_Required work_
Reproduce the lines below exactly. Begin with the first, end with the line containing "#4990 = EDGE_CURVE", and leave out the pictures.

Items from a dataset
---+---

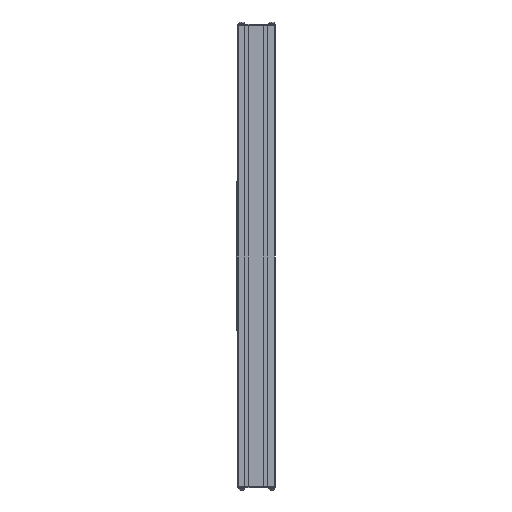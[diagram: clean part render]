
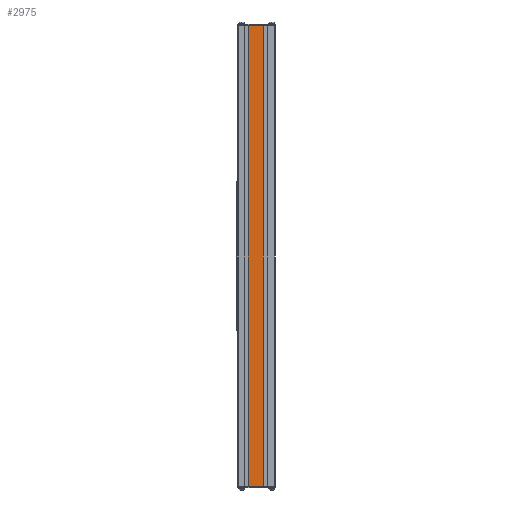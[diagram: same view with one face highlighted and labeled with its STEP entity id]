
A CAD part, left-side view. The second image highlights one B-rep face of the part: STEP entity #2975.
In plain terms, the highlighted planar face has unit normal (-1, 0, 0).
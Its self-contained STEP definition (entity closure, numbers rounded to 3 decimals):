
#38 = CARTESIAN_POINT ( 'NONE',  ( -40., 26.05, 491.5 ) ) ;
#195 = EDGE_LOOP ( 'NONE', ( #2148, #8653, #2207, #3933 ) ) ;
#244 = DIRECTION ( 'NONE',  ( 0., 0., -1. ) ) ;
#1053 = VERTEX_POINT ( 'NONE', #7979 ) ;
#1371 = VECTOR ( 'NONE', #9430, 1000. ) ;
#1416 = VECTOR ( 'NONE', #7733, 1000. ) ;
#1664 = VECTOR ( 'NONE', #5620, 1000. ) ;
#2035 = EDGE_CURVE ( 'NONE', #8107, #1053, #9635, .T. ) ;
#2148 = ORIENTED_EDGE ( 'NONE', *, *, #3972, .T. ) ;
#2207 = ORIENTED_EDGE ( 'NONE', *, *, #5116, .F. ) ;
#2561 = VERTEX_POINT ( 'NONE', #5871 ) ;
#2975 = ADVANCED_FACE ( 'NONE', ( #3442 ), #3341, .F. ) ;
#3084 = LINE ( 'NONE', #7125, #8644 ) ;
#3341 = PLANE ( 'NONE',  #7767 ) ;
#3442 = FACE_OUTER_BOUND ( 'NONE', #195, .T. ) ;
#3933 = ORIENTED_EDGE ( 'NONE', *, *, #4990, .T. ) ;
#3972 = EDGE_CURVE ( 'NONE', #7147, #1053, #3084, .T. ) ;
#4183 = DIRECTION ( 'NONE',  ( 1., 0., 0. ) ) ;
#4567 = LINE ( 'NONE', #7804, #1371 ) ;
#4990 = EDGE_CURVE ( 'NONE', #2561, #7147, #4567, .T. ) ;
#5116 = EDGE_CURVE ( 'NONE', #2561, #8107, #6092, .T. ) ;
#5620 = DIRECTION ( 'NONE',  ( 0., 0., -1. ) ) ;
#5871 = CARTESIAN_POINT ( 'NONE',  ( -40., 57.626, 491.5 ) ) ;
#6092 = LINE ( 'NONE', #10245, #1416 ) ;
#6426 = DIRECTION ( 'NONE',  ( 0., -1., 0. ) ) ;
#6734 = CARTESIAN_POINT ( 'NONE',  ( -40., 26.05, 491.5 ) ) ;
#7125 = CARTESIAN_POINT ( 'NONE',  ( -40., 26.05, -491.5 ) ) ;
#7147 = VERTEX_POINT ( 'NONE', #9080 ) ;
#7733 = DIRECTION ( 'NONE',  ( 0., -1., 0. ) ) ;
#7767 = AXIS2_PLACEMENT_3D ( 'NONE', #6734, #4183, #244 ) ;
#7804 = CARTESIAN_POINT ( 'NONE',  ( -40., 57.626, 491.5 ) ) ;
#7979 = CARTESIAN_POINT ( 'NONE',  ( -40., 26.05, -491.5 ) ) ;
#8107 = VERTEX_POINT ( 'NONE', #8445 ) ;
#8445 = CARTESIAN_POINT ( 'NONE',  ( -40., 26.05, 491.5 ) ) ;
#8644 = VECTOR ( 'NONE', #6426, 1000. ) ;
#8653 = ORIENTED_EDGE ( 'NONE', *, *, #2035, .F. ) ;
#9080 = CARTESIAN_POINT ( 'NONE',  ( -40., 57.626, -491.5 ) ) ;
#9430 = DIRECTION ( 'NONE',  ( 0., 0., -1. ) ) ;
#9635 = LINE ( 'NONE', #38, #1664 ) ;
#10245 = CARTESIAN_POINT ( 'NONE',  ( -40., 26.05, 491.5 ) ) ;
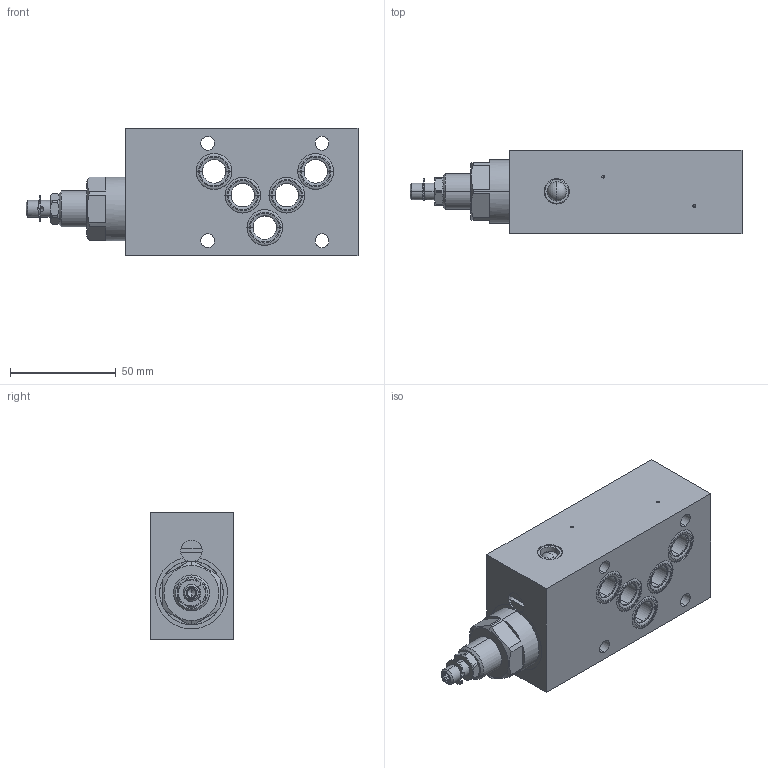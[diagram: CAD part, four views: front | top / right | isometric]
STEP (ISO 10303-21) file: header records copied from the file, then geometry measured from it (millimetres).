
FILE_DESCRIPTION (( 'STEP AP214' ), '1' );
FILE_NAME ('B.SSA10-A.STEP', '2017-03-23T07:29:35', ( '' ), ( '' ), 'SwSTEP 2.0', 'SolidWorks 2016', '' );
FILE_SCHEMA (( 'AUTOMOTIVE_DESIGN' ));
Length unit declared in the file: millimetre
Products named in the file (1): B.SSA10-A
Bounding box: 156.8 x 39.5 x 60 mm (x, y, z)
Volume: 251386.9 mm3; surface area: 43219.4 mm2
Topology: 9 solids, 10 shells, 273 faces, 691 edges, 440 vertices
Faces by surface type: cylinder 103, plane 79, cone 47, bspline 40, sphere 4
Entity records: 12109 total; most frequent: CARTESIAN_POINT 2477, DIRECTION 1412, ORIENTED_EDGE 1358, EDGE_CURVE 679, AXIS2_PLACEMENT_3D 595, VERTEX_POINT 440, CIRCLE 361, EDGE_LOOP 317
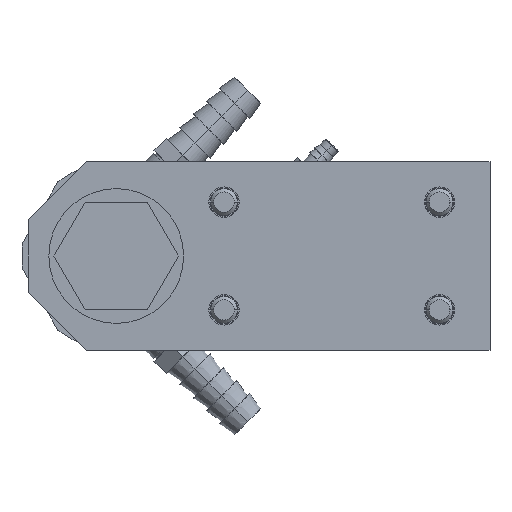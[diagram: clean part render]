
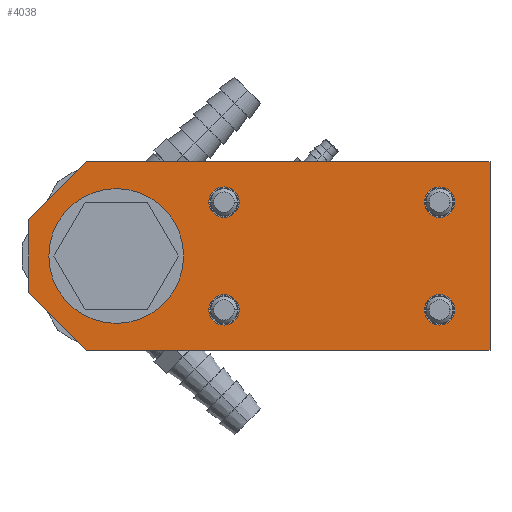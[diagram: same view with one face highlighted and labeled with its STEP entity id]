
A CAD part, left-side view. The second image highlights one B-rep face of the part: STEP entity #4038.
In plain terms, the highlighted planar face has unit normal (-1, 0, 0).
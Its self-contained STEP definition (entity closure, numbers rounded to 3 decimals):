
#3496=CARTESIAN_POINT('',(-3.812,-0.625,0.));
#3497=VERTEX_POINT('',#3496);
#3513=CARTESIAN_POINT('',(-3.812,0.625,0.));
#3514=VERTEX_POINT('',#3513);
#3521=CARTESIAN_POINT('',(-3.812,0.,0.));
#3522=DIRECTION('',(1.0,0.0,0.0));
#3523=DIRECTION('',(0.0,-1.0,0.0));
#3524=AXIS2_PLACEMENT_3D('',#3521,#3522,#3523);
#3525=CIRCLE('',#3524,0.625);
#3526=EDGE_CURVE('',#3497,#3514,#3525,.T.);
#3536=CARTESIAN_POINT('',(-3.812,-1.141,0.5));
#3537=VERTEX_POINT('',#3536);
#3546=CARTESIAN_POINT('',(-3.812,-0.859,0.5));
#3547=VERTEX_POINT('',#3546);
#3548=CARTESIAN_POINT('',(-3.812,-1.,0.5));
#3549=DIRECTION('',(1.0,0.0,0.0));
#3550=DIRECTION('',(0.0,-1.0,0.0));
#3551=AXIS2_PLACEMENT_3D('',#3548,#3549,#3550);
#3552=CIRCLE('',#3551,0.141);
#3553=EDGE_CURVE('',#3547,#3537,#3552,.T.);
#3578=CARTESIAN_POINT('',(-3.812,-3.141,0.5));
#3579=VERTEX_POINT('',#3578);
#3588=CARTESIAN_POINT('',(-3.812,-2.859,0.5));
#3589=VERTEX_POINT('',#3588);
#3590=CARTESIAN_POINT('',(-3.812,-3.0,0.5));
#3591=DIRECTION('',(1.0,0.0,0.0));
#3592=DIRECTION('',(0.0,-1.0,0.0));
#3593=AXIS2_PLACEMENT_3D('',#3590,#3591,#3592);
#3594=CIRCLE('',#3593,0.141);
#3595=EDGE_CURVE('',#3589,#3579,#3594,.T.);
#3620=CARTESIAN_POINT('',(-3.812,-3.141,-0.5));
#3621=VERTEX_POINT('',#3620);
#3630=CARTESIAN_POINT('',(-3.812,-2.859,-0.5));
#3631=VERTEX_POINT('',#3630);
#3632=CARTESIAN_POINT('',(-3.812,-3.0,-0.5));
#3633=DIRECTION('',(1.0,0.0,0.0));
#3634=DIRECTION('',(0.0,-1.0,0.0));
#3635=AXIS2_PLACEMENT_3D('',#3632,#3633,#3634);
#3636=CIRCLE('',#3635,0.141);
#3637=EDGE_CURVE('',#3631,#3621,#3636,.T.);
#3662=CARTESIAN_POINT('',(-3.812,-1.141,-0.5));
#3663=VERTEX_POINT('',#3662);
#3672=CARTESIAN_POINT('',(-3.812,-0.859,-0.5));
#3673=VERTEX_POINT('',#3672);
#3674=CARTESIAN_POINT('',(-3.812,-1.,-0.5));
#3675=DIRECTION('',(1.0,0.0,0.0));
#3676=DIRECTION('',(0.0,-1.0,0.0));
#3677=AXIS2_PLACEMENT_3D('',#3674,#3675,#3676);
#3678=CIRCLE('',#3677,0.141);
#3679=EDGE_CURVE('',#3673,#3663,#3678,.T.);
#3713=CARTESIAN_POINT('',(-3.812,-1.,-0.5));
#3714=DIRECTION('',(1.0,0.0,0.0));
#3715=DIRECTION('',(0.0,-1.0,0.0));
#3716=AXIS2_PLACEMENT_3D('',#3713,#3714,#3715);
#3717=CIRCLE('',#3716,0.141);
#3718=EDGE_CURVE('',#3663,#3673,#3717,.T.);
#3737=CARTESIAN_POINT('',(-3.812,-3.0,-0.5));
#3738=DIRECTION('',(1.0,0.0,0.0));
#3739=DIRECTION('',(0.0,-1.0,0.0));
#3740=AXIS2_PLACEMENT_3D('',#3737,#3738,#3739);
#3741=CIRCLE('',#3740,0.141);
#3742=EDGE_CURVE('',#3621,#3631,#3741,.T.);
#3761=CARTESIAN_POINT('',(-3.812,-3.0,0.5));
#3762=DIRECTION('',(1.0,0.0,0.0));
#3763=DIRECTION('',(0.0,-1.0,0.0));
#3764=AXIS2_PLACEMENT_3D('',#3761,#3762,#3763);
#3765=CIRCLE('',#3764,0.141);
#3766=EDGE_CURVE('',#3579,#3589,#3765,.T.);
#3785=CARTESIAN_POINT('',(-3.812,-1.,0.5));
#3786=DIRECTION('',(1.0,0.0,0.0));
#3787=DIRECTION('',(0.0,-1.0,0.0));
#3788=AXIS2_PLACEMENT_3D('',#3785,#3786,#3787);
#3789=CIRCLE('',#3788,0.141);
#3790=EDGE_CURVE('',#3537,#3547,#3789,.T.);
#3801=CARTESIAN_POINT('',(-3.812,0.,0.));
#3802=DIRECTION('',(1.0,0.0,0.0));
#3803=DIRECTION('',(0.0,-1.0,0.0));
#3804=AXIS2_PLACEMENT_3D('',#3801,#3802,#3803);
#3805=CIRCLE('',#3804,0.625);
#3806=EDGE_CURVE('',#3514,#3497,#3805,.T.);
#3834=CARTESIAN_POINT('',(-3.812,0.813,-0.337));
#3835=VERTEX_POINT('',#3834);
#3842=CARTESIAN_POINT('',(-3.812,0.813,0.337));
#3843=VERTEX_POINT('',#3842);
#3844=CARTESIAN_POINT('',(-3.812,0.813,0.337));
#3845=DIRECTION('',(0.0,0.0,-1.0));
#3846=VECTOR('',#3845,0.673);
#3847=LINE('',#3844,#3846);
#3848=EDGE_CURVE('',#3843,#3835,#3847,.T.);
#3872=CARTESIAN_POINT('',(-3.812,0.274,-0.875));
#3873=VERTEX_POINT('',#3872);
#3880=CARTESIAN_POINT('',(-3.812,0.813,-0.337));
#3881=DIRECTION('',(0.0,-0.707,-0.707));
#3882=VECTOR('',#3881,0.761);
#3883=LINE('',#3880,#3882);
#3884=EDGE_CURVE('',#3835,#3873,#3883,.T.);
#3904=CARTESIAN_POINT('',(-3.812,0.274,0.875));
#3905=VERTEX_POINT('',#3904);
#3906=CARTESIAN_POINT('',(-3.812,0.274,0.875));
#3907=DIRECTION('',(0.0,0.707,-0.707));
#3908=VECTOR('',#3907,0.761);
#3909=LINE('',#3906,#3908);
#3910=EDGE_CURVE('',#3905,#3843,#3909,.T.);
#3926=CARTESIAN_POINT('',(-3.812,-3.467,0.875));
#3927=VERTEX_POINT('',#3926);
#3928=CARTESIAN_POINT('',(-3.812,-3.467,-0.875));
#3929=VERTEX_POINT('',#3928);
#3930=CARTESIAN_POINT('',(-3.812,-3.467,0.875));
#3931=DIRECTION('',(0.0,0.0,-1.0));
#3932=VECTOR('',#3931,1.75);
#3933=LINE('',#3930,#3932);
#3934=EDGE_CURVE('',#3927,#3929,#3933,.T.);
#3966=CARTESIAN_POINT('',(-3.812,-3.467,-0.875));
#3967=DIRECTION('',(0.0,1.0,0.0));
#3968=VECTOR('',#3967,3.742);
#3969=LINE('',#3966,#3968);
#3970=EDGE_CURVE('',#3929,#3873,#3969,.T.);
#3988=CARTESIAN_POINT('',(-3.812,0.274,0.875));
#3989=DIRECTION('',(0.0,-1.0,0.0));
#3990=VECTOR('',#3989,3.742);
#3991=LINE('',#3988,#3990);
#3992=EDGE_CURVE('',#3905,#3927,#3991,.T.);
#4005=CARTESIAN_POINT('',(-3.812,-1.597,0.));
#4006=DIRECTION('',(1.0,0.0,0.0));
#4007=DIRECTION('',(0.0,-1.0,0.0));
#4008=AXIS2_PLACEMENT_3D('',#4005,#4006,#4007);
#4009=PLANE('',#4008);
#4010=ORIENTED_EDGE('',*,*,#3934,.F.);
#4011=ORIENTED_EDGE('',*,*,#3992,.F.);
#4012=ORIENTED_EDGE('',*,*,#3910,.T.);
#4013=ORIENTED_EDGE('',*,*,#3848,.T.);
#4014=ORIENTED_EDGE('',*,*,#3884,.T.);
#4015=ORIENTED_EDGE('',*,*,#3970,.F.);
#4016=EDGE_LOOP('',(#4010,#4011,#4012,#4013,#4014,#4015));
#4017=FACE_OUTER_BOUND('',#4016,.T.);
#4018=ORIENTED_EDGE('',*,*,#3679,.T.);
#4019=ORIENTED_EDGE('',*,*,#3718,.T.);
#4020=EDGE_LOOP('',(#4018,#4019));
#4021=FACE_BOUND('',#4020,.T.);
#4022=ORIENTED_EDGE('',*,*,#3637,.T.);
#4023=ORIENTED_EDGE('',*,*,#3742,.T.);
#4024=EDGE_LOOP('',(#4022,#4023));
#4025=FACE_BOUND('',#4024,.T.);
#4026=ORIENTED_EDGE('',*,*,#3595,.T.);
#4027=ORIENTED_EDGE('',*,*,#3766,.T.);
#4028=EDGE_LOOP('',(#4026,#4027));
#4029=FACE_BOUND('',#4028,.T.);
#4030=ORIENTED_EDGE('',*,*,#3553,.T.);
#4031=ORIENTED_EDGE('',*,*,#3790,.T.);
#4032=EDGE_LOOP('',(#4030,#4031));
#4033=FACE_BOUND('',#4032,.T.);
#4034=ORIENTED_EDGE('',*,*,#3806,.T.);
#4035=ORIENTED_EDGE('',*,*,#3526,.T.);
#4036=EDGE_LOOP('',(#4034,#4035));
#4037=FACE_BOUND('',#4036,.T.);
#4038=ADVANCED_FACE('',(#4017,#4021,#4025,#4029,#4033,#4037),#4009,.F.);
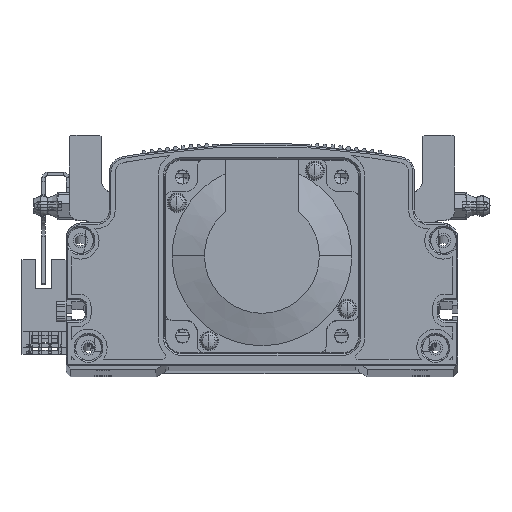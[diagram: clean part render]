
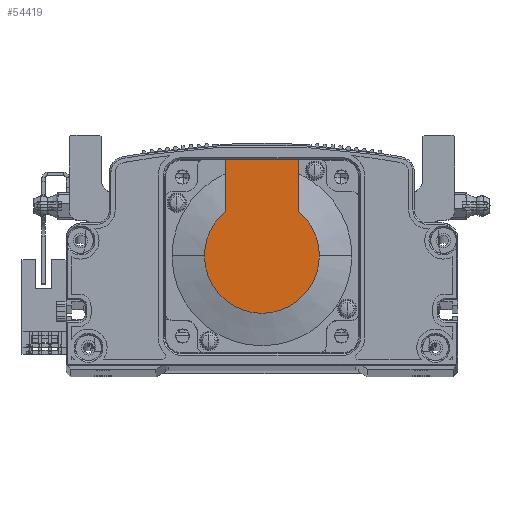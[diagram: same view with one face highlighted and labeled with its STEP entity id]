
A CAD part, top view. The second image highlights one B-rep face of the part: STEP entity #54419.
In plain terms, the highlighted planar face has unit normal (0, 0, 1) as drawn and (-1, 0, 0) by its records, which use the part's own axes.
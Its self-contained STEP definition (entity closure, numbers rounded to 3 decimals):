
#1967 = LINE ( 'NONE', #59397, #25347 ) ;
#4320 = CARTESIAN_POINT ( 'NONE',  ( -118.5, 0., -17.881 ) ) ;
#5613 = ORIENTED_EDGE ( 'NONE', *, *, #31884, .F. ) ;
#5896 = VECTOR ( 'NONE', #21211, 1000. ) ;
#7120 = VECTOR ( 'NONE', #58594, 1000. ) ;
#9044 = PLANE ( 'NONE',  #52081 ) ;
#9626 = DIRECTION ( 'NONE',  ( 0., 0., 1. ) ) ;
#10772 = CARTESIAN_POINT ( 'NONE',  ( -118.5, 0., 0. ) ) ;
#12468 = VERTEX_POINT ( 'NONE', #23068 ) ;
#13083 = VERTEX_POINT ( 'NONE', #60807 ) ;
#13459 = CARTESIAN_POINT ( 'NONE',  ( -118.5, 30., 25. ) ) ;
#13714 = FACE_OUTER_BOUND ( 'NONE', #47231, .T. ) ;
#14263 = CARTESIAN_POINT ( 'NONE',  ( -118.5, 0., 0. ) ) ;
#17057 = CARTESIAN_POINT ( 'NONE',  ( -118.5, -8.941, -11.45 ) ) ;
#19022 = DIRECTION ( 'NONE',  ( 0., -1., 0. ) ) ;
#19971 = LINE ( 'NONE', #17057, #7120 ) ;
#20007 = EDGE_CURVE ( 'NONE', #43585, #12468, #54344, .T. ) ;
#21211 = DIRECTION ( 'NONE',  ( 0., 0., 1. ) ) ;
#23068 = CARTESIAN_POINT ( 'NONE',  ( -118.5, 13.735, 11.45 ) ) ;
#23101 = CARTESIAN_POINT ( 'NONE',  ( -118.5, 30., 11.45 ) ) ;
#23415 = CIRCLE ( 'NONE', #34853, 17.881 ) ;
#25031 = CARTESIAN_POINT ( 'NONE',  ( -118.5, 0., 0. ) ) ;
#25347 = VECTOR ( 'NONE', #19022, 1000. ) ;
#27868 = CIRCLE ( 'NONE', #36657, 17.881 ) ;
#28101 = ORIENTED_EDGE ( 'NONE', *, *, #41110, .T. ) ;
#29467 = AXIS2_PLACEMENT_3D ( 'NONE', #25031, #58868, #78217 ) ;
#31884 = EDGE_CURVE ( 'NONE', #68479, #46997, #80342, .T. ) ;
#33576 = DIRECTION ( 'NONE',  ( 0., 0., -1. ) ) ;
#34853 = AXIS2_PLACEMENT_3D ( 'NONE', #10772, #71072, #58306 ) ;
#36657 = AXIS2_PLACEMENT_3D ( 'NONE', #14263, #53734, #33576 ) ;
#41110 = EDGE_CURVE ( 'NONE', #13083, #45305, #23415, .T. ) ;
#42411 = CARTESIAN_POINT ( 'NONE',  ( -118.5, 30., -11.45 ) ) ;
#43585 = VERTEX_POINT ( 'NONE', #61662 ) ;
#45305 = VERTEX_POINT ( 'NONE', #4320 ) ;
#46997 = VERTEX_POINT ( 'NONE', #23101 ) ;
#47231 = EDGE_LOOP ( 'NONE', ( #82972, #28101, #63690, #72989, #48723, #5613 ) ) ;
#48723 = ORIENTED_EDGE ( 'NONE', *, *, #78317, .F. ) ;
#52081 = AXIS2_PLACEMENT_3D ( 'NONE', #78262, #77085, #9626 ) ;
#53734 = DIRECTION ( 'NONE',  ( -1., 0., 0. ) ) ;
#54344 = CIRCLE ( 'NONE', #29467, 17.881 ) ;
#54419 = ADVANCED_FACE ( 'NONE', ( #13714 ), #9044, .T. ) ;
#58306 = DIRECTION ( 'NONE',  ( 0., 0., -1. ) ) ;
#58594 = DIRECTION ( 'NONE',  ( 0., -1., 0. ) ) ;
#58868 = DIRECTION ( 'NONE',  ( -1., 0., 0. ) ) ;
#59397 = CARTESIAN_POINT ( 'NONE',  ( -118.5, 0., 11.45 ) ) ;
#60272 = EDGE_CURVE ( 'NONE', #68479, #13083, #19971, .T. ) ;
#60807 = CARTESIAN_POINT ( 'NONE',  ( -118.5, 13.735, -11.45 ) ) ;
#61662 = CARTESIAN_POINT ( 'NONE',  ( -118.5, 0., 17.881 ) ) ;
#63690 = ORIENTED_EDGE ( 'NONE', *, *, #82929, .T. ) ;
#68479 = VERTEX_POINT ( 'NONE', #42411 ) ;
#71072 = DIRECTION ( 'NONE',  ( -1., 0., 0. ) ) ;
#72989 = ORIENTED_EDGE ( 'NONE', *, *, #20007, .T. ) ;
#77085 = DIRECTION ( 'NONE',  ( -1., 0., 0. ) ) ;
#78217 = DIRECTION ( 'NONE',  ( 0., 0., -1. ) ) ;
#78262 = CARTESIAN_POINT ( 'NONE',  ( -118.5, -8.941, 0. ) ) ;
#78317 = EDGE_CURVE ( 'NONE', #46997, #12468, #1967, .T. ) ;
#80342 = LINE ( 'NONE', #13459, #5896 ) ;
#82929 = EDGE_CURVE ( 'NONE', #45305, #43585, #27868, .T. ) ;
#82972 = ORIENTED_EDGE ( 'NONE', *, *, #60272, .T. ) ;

---+---

_Task solution_
[diagram: clean part render]
[diagram: same view with one face highlighted and labeled with its STEP entity id]
A CAD part, left-side view. The second image highlights one B-rep face of the part: STEP entity #2975.
In plain terms, the highlighted planar face has unit normal (-1, 0, 0).
Its self-contained STEP definition (entity closure, numbers rounded to 3 decimals):
#38 = CARTESIAN_POINT ( 'NONE',  ( -40., 26.05, 491.5 ) ) ;
#195 = EDGE_LOOP ( 'NONE', ( #2148, #8653, #2207, #3933 ) ) ;
#244 = DIRECTION ( 'NONE',  ( 0., 0., -1. ) ) ;
#1053 = VERTEX_POINT ( 'NONE', #7979 ) ;
#1371 = VECTOR ( 'NONE', #9430, 1000. ) ;
#1416 = VECTOR ( 'NONE', #7733, 1000. ) ;
#1664 = VECTOR ( 'NONE', #5620, 1000. ) ;
#2035 = EDGE_CURVE ( 'NONE', #8107, #1053, #9635, .T. ) ;
#2148 = ORIENTED_EDGE ( 'NONE', *, *, #3972, .T. ) ;
#2207 = ORIENTED_EDGE ( 'NONE', *, *, #5116, .F. ) ;
#2561 = VERTEX_POINT ( 'NONE', #5871 ) ;
#2975 = ADVANCED_FACE ( 'NONE', ( #3442 ), #3341, .F. ) ;
#3084 = LINE ( 'NONE', #7125, #8644 ) ;
#3341 = PLANE ( 'NONE',  #7767 ) ;
#3442 = FACE_OUTER_BOUND ( 'NONE', #195, .T. ) ;
#3933 = ORIENTED_EDGE ( 'NONE', *, *, #4990, .T. ) ;
#3972 = EDGE_CURVE ( 'NONE', #7147, #1053, #3084, .T. ) ;
#4183 = DIRECTION ( 'NONE',  ( 1., 0., 0. ) ) ;
#4567 = LINE ( 'NONE', #7804, #1371 ) ;
#4990 = EDGE_CURVE ( 'NONE', #2561, #7147, #4567, .T. ) ;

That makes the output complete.